That experience has informed my professional career in the years hence, so it was only natural to see if I could use some of these same C++ features when writing code for Arduino. Ever since my days teaching CEG431 at Wright State University I've been looking for a modern and cost effective hardware and software platform on which to duplicate that pedagogical environment. I've written about this quest in this blog: Diminuto and Arroyo (AT91RM9100-EK board using an Atmel ARM9 microprocessor with Linux/GNU), Cascada and Contraption (BeagleBoard using a TI Cortex-A8 microprocessor with Linux/GNU and Android), and finally Amigo (Arduino Uno and Mega boards using Atmel AVR microcontrollers with Arduino).

It would be easy for one to assume that a 16MHz eight-bit microcontroller with only 2KB of SRAM would be too resource constrained to really pull the stops out on C++. One would be wrong. Not only can the C++ features that are routinely used in large embedded code bases be also used effectively in Arduino, there are lots of good reasons to do so, and they are all the same reasons, like code reuse and easier integration of disparate code bases.

A good example of my efforts so far is LC100, an Arduino software library that implements the most-used VT100 display and keyboard escape sequences on a small liquid crystal display (LCD), and TinyTerminal, an application that uses LC100 to implement a minuscule VT100-compatible wireless remote terminal.

Here's a side view of the TinyTerminal hardware stack. It includes an Arduino Uno at the bottom, a SparkFun XBee shield with a Digi Series 1 XBee radio in the middle, and on top a DFRobot two-line by sixteen-column LCD shield with joystick buttons to indicate up, down, left, right, and select. It's being powered by a 9-Volt transister radio battery.

Arduino Uno, XBee Shield, LCD Shield

Here's a top view of the TinyTerminal stack talking to my desktop Mac Mini via a USB-connected SparkFun XBee Explorer. The characters on the LCD display that you see below were generated by me using the Mac screen utility, pointing it to the USB serial port provided by the XBee Explorer, telling it to set the serial rate to 9600, and using the arrow keys on my Mac keyboard to position the cursor on the LCD display as I typed. In turn, I can move the cursor of the screen utility on my Mac around by pressing the joystick buttons on the LCD shield.

TinyTerminal using LC100

The TinyTerminal application uses an object of the LC100 class, which derives from the LC100Base class where most of the implementation is located. The interface to the LCD shield is abstracted out into a pure interface class called Display. This makes it easy to adapt LC100 to other LCD hardware with no source code changes through the use of dependency injection. TinyTerminal implements Display for both the DFRobot shield as well as for a simple mock object so that you can debug applications without any actual LCD hardware.

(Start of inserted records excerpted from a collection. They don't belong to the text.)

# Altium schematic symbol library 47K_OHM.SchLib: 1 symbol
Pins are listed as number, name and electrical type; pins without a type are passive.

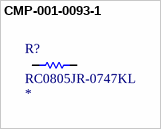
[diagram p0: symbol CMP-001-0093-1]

## CMP-001-0093-1
designator R?, comment RC0805JR-0747KL
RES SMD 47K OHM 5% 1/8W 0805; Value: 155°C; Value: 2012; Value: Tin,Lead,Matte; Value: 1.25mm; Value: Not; Value: Lead Free; Value: SMD/SMT; Value: -55°C; Value: Thick Film; Value: Unknown; Value: 47kR; Value: 100ppm/°C; Value: 2mm; Value: 125mW; Value: 150V; Value: Yageo; Value: 0805; Value: Tape and Reel; Value: 0805; Value: No
footprint Resistor 0805 47000R
pins: 1, 2

The source code to do all this, which is definitely a work in progress, is a little lengthy to cut and paste into this article. But you can download the tarball containing all the source code for both the LC100 library and the TinyTerminal example application from a link on the Amigo web page.

Here's a list of some of the C++ features I used in this project that in my experience are commonly used in much larger embedded projects.

Namespaces. When you start integrating software from a variety of other projects, you start running into name collisions. C++ gets around this by allow you to partition the global C++ namespace into hierarchically nested subspaces.


namespace com {

namespace diag {

namespace amigo {


...


}

}

}



This is a lot easier than it sounds. Basically it just makes your C++ names longer. All of the LC100 symbols are in the com::diag::amigo namespace, following a standard I've used on other C++ projects of incorporating my company's unique domain name as part of the namespace name.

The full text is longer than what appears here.